= Mushin Olosha =

Community in Lagos State, Nigeria

Mushin Olosha is a community within the Mushin Local Government Area of Lagos State, Nigeria. It is recognized for its vibrant markets, cultural heritage, and active economic life. The area is a hub of commercial activities and has a rich cultural tapestry, reflecting the diverse population that resides there.

== History ==
Mushin Olosha has a historical significance that mirrors the broader history of Lagos State. Over the years, it has developed while maintaining its cultural importance among the Yoruba people and other ethnic groups. The community's evolution is indicative of the dynamic changes that have characterized Lagos State, especially post-independence.

== Economy ==
The economy of Mushin Olosha is predominantly driven by commerce.
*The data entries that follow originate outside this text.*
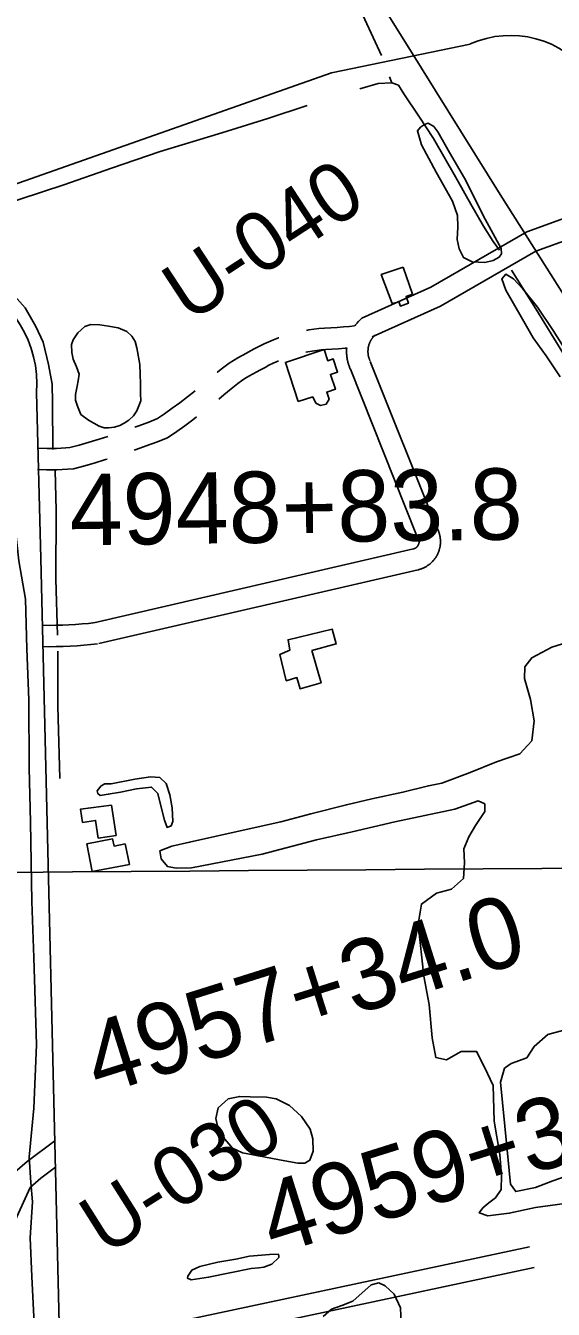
# Model space of a CAD drawing. Extents: x 3540316 to 3578335, y 553172 to 578787.
# Drawn here: x 3552978 to 3553719, y 564084 to 565885 of the extents above; entities that cross this region are included whole.
import ezdxf

# ---------------------------------------------------------------- set-up
doc = ezdxf.new("R2010")
doc.units = 0
for name, color, linetype in [('V-BLDG-OTLN', 7, 'Continuous'), ('V-GRID-MAJR', 7, 'Continuous'), ('V-LEVE-TOET', 7, 'Continuous'), ('V-RAIL-TRAK', 7, 'Continuous'), ('V-RIVR-RANG-IDEN', 7, 'Continuous'), ('V-ROAD-CNTR', 7, 'Continuous'), ('V-SITE-VEGE', 7, 'Continuous'), ('V-SURV-IDEN', 7, 'Continuous'), ('V-TOPO-SHOR', 7, 'Continuous')]:
    doc.layers.add(name, color=color, linetype=linetype)

msp = doc.modelspace()

# ---------------------------------------------------------------- linework, layer by layer
at = {"layer": 'V-BLDG-OTLN'}
for points in [[(3553507.8, 565546.1), (3553521, 565508.1), (3553511.9, 565505), (3553515.2, 565495.3), (3553503.9, 565491.4), (3553501.9, 565497.3), (3553492.1, 565495), (3553476.9, 565535.7)], [(3553360.5, 565357.6), (3553342.5, 565412.4), (3553396.8, 565430.3), (3553402, 565414.7), (3553409.7, 565417.2), (3553415.7, 565398.8), (3553405.7, 565395.5), (3553412.6, 565374.7), (3553400.5, 565370.7), (3553403.8, 565360.8), (3553399.7, 565354), (3553391.9, 565352), (3553385.2, 565355.4), (3553380.9, 565364)], [(3553379.7, 565008.3), (3553392.6, 564962.9), (3553363, 564954.5), (3553358.5, 564970.3), (3553343.6, 564965.7), (3553334.7, 565002.8), (3553348.7, 565008.8), (3553346.3, 565023.3), (3553408.1, 565037.9), (3553413.8, 565017.5)], [(3553098.2, 564791.4), (3553104.7, 564748.7), (3553079.7, 564744.9), (3553075.9, 564769.8), (3553057.7, 564767), (3553054.8, 564785.8)], [(3553123.8, 564708), (3553071.3, 564697.9), (3553063.8, 564737), (3553099.9, 564743.9), (3553101.9, 564733.8), (3553117.4, 564736.8)]]:
    msp.add_lwpolyline(points, close=True, dxfattribs=at)
at = {"layer": 'V-GRID-MAJR'}
msp.add_spline([(3544475.4, 564634.2), (3549748.1, 564672.9), (3555020.8, 564712.4), (3560293.6, 564752.7), (3565566.3, 564793.7), (3570839, 564835.5), (3576111.7, 564878.1)], degree=3, dxfattribs=at)
at = {"layer": 'V-LEVE-TOET'}
for points in [[(3552793.2, 565538.8), (3552825.9, 565514.8), (3552849.2, 565491.8), (3552867.3, 565469.2), (3552885.6, 565441.1), (3552899.4, 565418.9), (3552921.2, 565380.7), (3552933.2, 565353.3), (3552941.7, 565317.3), (3552948.7, 565268), (3552959.2, 565215.2), (3552968, 565133.8), (3552977.8, 565080.2), (3552979.4, 565010.4), (3552982.3, 564939.1), (3552982.6, 564843.5), (3552984.7, 564767.2), (3552986.6, 564655.9), (3552989.5, 564577.6), (3552993.1, 564455), (3552989.4, 564366), (3552982.8, 564297.4), (3552985, 564262)], [(3552985, 564262), (3552987.6, 564234.7), (3552984, 564184.2), (3552986.3, 564129.7), (3552990.4, 564054.5), (3553001.7, 563955.5), (3553005.8, 563867), (3553016.5, 563791), (3553025.8, 563691.6), (3553036.8, 563628.2), (3553047.6, 563548), (3553059.3, 563502.6), (3553084, 563437.3), (3553103.4, 563403), (3553134, 563352.3), (3553182.6, 563281.7), (3553219.4, 563230.6), (3553273.6, 563155.4), (3553327.4, 563083.3), (3553399.4, 562989.8), (3553440.9, 562929.3), (3553493.2, 562850.9), (3553543, 562781.2)]]:
    msp.add_lwpolyline(points, dxfattribs=at)
at = {"layer": 'V-RAIL-TRAK'}
for points in [[(3552538.6, 567365.5), (3552611.3, 567269.9), (3552647.3, 567218.2), (3552692.3, 567153.4), (3552764.4, 567046.2), (3552834.1, 566938.1), (3552906.7, 566821.6), (3552980.3, 566705.8), (3553050.1, 566595.5), (3553117.5, 566487.8), (3553190.4, 566371.3), (3553259.3, 566262.5), (3553341.2, 566132.8), (3553416.9, 566012), (3553486.7, 565900.1), (3553525.1, 565838.7), (3553552.9, 565794.4)], [(3553552.9, 565794.4), (3553643.9, 565648.2), (3553727.3, 565516.8), (3553808.1, 565388.3), (3553892, 565255.9), (3553971.3, 565128.9), (3554066.9, 564978.3), (3554158.9, 564831.2), (3554249.9, 564687), (3554335.8, 564550.1), (3554428.3, 564404), (3554518.8, 564260.7), (3554609.3, 564117), (3554690.6, 563988.6), (3554773.5, 563856.7), (3554861, 563716.4), (3554943.8, 563585), (3555024.2, 563456.5), (3555109.6, 563320.1), (3555202.6, 563174.5)]]:
    msp.add_lwpolyline(points, dxfattribs=at)
at = {"layer": 'V-ROAD-CNTR'}
for points in [[(3553601.9, 565859.1), (3553407.1, 565818.6), (3552868.7, 565629.5), (3552840.4, 565619.1), (3552813.8, 565572.9), (3552809.3, 565568.4)], [(3553449.8, 565474.5), (3553546.5, 565517.9), (3553681.2, 565595.8), (3553828.2, 565649), (3553895.2, 565676.4)], [(3553464.4, 565448.2), (3553560.2, 565491.2), (3553693.9, 565568.5), (3553839, 565621), (3553904.7, 565647.9)], [(3553449.7, 565474.4), (3553447.4, 565472.2), (3553446.6, 565471.4), (3553445.8, 565470.7), (3553445.1, 565470), (3553444.3, 565469.1), (3553443.7, 565468.4), (3553443, 565467.6), (3553442.2, 565466.7), (3553441.6, 565465.9), (3553440.9, 565465.1), (3553440.3, 565464.2), (3553440, 565463.8)], [(3553372, 565457.3), (3553375.1, 565457.9), (3553382.3, 565459), (3553389.6, 565459.9), (3553397.1, 565460.6), (3553406.4, 565461), (3553415.1, 565461.4), (3553423.8, 565462.1), (3553432.5, 565463), (3553439.5, 565463.9)], [(3553468.5, 565450.9), (3553468, 565450.5), (3553467.7, 565450.1), (3553467.2, 565449.7), (3553466.9, 565449.3), (3553466.5, 565448.9), (3553466.1, 565448.5), (3553465.8, 565448.1), (3553465.4, 565447.7), (3553465.1, 565447.3), (3553464.8, 565446.8), (3553464.4, 565446.4), (3553464.1, 565445.9), (3553463.8, 565445.5), (3553463.5, 565445.1), (3553463.2, 565444.6), (3553462.9, 565444.1), (3553462.6, 565443.6), (3553462.3, 565443.2), (3553462.1, 565442.7), (3553461.8, 565442.2), (3553461.6, 565441.7), (3553461.3, 565441.3), (3553461.1, 565440.8), (3553460.9, 565440.3), (3553460.7, 565439.8), (3553460.5, 565439.3), (3553460.3, 565438.7), (3553460.1, 565438.2), (3553459.9, 565437.8), (3553459.7, 565437.2), (3553459.6, 565436.7), (3553459.4, 565436.2), (3553459.3, 565435.7), (3553459.2, 565435.1), (3553459, 565434.6), (3553458.9, 565434.1), (3553458.8, 565433.5), (3553458.7, 565432.9), (3553458.7, 565432.5), (3553458.6, 565431.9), (3553458.5, 565431.4), (3553458.5, 565430.8), (3553458.4, 565430.2), (3553458.4, 565429.7), (3553458.3, 565429.2), (3553458.3, 565428.6), (3553458.3, 565428.1), (3553458.3, 565427.6), (3553458.3, 565427), (3553458.3, 565426.5), (3553458.4, 565425.9), (3553458.4, 565425.4), (3553458.5, 565424.8), (3553458.5, 565424.3), (3553458.6, 565423.8), (3553458.7, 565423.2), (3553458.7, 565422.6), (3553458.8, 565422.1), (3553458.9, 565421.6), (3553459.1, 565421.1), (3553459.2, 565420.5), (3553459.3, 565420), (3553459.4, 565419.5), (3553459.6, 565419), (3553459.8, 565418.4), (3553459.9, 565417.9), (3553460.1, 565417.4), (3553460.3, 565416.9), (3553460.5, 565416.4), (3553460.7, 565415.9), (3553460.9, 565415.4), (3553461.1, 565414.9), (3553461.2, 565414.7)], [(3553246.6, 565398.3), (3553246.9, 565398.5), (3553252.4, 565403), (3553258, 565407.2), (3553263.7, 565411.3), (3553269.6, 565415.1), (3553275.6, 565418.8), (3553281.7, 565422.3), (3553287.9, 565425.6), (3553293.6, 565428.5), (3553299.4, 565431.7), (3553305.9, 565435.1), (3553312.5, 565438.3), (3553319.2, 565441.3), (3553325.9, 565444.1), (3553332.7, 565446.7), (3553333.4, 565447)], [(3553371, 565426.6), (3553373.8, 565427.2), (3553380.1, 565428.3), (3553386.5, 565429.3), (3553392.8, 565430.1), (3553399, 565430.7), (3553407.8, 565431), (3553417.2, 565431.5), (3553426.5, 565432.3), (3553428.5, 565432.5)], [(3553428.5, 565432.7), (3553428.5, 565432.6), (3553428.4, 565431.5), (3553428.4, 565430.5), (3553428.3, 565429.4), (3553428.3, 565428.3), (3553428.3, 565427.3), (3553428.3, 565426.2), (3553428.4, 565425.1), (3553428.4, 565424.1), (3553428.5, 565423), (3553428.6, 565421.9), (3553428.7, 565420.9), (3553428.8, 565419.8), (3553429, 565418.7), (3553429.2, 565417.7), (3553429.3, 565416.6), (3553429.6, 565415.6), (3553429.8, 565414.5), (3553430, 565413.5), (3553430.3, 565412.5), (3553430.5, 565411.4), (3553430.8, 565410.4), (3553431.2, 565409.4), (3553431.5, 565408.4), (3553431.8, 565407.4), (3553432.2, 565406.4), (3553432.6, 565405.4), (3553433, 565404.4), (3553433.4, 565403.4), (3553433.8, 565402.4), (3553434, 565402)], [(3553249.1, 565360.9), (3553255.9, 565366.7), (3553266.1, 565375.5), (3553270.8, 565379.3), (3553275.7, 565383), (3553280.7, 565386.5), (3553285.7, 565389.9), (3553290.9, 565393.1), (3553296.2, 565396.1), (3553301.6, 565398.9), (3553307.6, 565401.9), (3553313.8, 565405.4), (3553319.4, 565408.4), (3553325.2, 565411.2), (3553331.1, 565413.8), (3553332.9, 565414.5)], [(3553554.5, 565181.2), (3553461.5, 565413.9)], [(3553526.6, 565170), (3553433.7, 565402.8)], [(3552993, 565370.2), (3552999.3, 565137.3), (3553026.9, 563985.9)], [(3553131, 565321.4), (3553136.9, 565323.5), (3553150.6, 565328.7), (3553162.9, 565333.5), (3553172.6, 565340.2), (3553183.6, 565348), (3553194.4, 565355.9), (3553205.1, 565364.1), (3553215.7, 565372.4), (3553215.9, 565372.5)], [(3553130.3, 565289.4), (3553133, 565290.3), (3553147.2, 565295.4), (3553161.4, 565300.7), (3553177, 565306.8), (3553189.8, 565315.6), (3553201.1, 565323.6), (3553212.4, 565331.9), (3553217.8, 565336)], [(3552995.4, 565292.2), (3553007.8, 565291.8), (3553014.4, 565291.7), (3553021, 565291.8), (3553027.6, 565292), (3553034.3, 565292.5), (3553039.7, 565292.9), (3553052.8, 565296.5), (3553066.9, 565300.5), (3553081, 565304.7), (3553093.1, 565308.5)], [(3552994.4, 565262.2), (3553007, 565261.8), (3553014.4, 565261.7), (3553021.8, 565261.8), (3553029.1, 565262.1), (3553036.5, 565262.5), (3553045, 565263.3), (3553060.8, 565267.5), (3553075.3, 565271.7), (3553089.8, 565276), (3553092.4, 565276.8)], [(3553552.9, 565184.1), (3553553.2, 565183.6), (3553553.6, 565183), (3553554, 565182.4), (3553554.4, 565181.8), (3553554.7, 565181.2), (3553555.1, 565180.6), (3553555.4, 565180), (3553555.7, 565179.3), (3553556.1, 565178.7), (3553556.4, 565178), (3553556.6, 565177.4), (3553556.9, 565176.8), (3553557.2, 565176.1), (3553557.5, 565175.4), (3553557.7, 565174.8), (3553557.9, 565174.1), (3553558.2, 565173.4), (3553558.4, 565172.8), (3553558.6, 565172.1), (3553558.8, 565171.4), (3553558.9, 565170.7), (3553559.1, 565170), (3553559.2, 565169.3), (3553559.4, 565168.6), (3553559.5, 565167.9), (3553559.6, 565167.3), (3553559.7, 565166.6), (3553559.8, 565165.8), (3553559.9, 565165.1), (3553560, 565164.4), (3553560, 565163.7), (3553560.1, 565163), (3553560.1, 565162.3), (3553560.1, 565161.6), (3553560.1, 565160.9), (3553560.1, 565160.1), (3553560.1, 565159.5), (3553560.1, 565158.8), (3553560, 565158), (3553560, 565157.3), (3553559.9, 565156.6), (3553559.8, 565156), (3553559.7, 565155.3), (3553559.6, 565154.5), (3553559.5, 565153.8), (3553559.4, 565153.2), (3553559.2, 565152.4), (3553559.1, 565151.8), (3553558.9, 565151.1), (3553558.7, 565150.4), (3553558.5, 565149.7), (3553558.3, 565149), (3553558.1, 565148.4), (3553557.9, 565147.7), (3553557.6, 565147), (3553557.4, 565146.3), (3553557.1, 565145.7), (3553556.9, 565145), (3553556.6, 565144.4), (3553556.3, 565143.7), (3553556, 565143.1), (3553555.7, 565142.5), (3553555.3, 565141.8), (3553555, 565141.2), (3553554.6, 565140.6), (3553554.3, 565140), (3553553.9, 565139.4), (3553553.5, 565138.8), (3553553.1, 565138.2), (3553552.7, 565137.6), (3553552.3, 565137.1), (3553551.9, 565136.5), (3553551.5, 565135.9), (3553551, 565135.4), (3553550.6, 565134.8), (3553550.1, 565134.3), (3553549.6, 565133.8), (3553549.1, 565133.2), (3553548.6, 565132.7), (3553548.2, 565132.2), (3553547.7, 565131.7), (3553547.2, 565131.2), (3553546.6, 565130.7), (3553546.1, 565130.3), (3553545.6, 565129.8), (3553545, 565129.4), (3553544.4, 565128.9), (3553543.9, 565128.5), (3553543.3, 565128.1), (3553542.7, 565127.7), (3553542.1, 565127.3), (3553541.5, 565126.9), (3553541, 565126.5), (3553540.4, 565126.1), (3553539.7, 565125.8), (3553539.1, 565125.4), (3553538.5, 565125.1), (3553537.9, 565124.8), (3553537.2, 565124.5), (3553536.6, 565124.1)], [(3553528.2, 565167.1), (3553528.3, 565166.9), (3553528.4, 565166.8), (3553528.5, 565166.6), (3553528.6, 565166.4), (3553528.7, 565166.3), (3553528.8, 565166.1), (3553528.9, 565165.9), (3553529, 565165.8), (3553529, 565165.6), (3553529.1, 565165.4), (3553529.2, 565165.3), (3553529.3, 565165.1), (3553529.4, 565164.9), (3553529.4, 565164.8), (3553529.5, 565164.6), (3553529.6, 565164.4), (3553529.6, 565164.2), (3553529.7, 565164.1), (3553529.7, 565163.9), (3553529.8, 565163.7), (3553529.8, 565163.5), (3553529.8, 565163.4), (3553529.9, 565163.1), (3553529.9, 565163), (3553530, 565162.8), (3553530, 565162.6), (3553530, 565162.4), (3553530, 565162.3), (3553530.1, 565162.1), (3553530.1, 565161.9), (3553530.1, 565161.7), (3553530.1, 565161.5), (3553530.1, 565161.3), (3553530.1, 565161.1), (3553530.1, 565161), (3553530.1, 565160.8), (3553530.1, 565160.6), (3553530.1, 565160.4), (3553530.1, 565160.2), (3553530.1, 565160), (3553530.1, 565159.9), (3553530, 565159.7), (3553530, 565159.5), (3553530, 565159.3), (3553530, 565159.1), (3553529.9, 565158.9), (3553529.9, 565158.8), (3553529.8, 565158.6), (3553529.8, 565158.4), (3553529.7, 565158.2), (3553529.7, 565158), (3553529.7, 565157.9), (3553529.6, 565157.7), (3553529.5, 565157.5), (3553529.5, 565157.3), (3553529.4, 565157.2), (3553529.3, 565157), (3553529.3, 565156.8), (3553529.2, 565156.7), (3553529.1, 565156.5), (3553529, 565156.3), (3553528.9, 565156.1), (3553528.9, 565156), (3553528.8, 565155.8), (3553528.7, 565155.7), (3553528.6, 565155.5), (3553528.5, 565155.4), (3553528.4, 565155.2), (3553528.3, 565155.1), (3553528.2, 565154.9), (3553528.1, 565154.7), (3553528, 565154.6), (3553527.9, 565154.4), (3553527.8, 565154.3), (3553527.6, 565154.2), (3553527.5, 565154), (3553527.4, 565153.9), (3553527.3, 565153.8), (3553527.1, 565153.6), (3553527, 565153.5), (3553526.9, 565153.3), (3553526.7, 565153.2), (3553526.6, 565153.1), (3553526.5, 565153), (3553526.3, 565152.8), (3553526.2, 565152.8), (3553526, 565152.6), (3553525.8, 565152.5), (3553525.7, 565152.4), (3553525.6, 565152.3), (3553525.4, 565152.2), (3553525.3, 565152.1), (3553525.1, 565152), (3553524.9, 565151.9), (3553524.8, 565151.8), (3553524.6, 565151.7), (3553524.5, 565151.6), (3553524.3, 565151.5), (3553524.2, 565151.5), (3553524, 565151.4)], [(3553073.7, 565047.1), (3553522.2, 565150.7)], [(3553524, 565151.4), (3553523.8, 565151.3), (3553523.6, 565151.2), (3553523.5, 565151.2), (3553523.3, 565151.1), (3553523.1, 565151), (3553522.9, 565151), (3553522.8, 565150.9), (3553522.6, 565150.9), (3553522.4, 565150.8), (3553522.2, 565150.7), (3553522.1, 565150.7), (3553522.1, 565150.7)], [(3553080.5, 565017.9), (3553529, 565121.5)], [(3553536.6, 565124.1), (3553536, 565123.9), (3553535.3, 565123.6), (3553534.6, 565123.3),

The community boasts several vibrant markets. Ojuwoye Market is prominent for its wide range of affordable goods. Other significant markets include Daleko Market, known for foodstuff, and Ladipo Market, which is famous for automotive spare parts. Additionally, Mushin Olosha is home to various privately and publicly owned institutions, including hotels and banks, contributing to its economic vibrancy.

== Education and facilities ==
Mushin Olosha features numerous educational institutions ranging from primary schools to secondary schools, providing quality education and contributing to the area's intellectual development.

== Cultural and social life ==
Mushin Olosha is culturally rich, with a mix of various ethnic groups such as the Yoruba, Igbo, and Hausa. This diversity is evident in the cultural events and festivals celebrated in the area, contributing to its rich cultural heritage.

The social life in Mushin Olosha is marked by various cultural activities and a bustling nightlife. Residents and visitors can enjoy several entertainment options, including galleries, restaurants, bars, and nightclubs. The Ovuomaroro Gallery, owned by renowned Nigerian artist Professor Bruce Onobrakpeya, is a prominent cultural spot in the area.

== Notable landmarks ==
Mushin Olosha features several landmarks that highlight its cultural and historical significance:

- Mushin Olosha Central Mosque: A key place of worship and community gathering.
- Olosha Market Square: The central point for commercial activities and social interactions.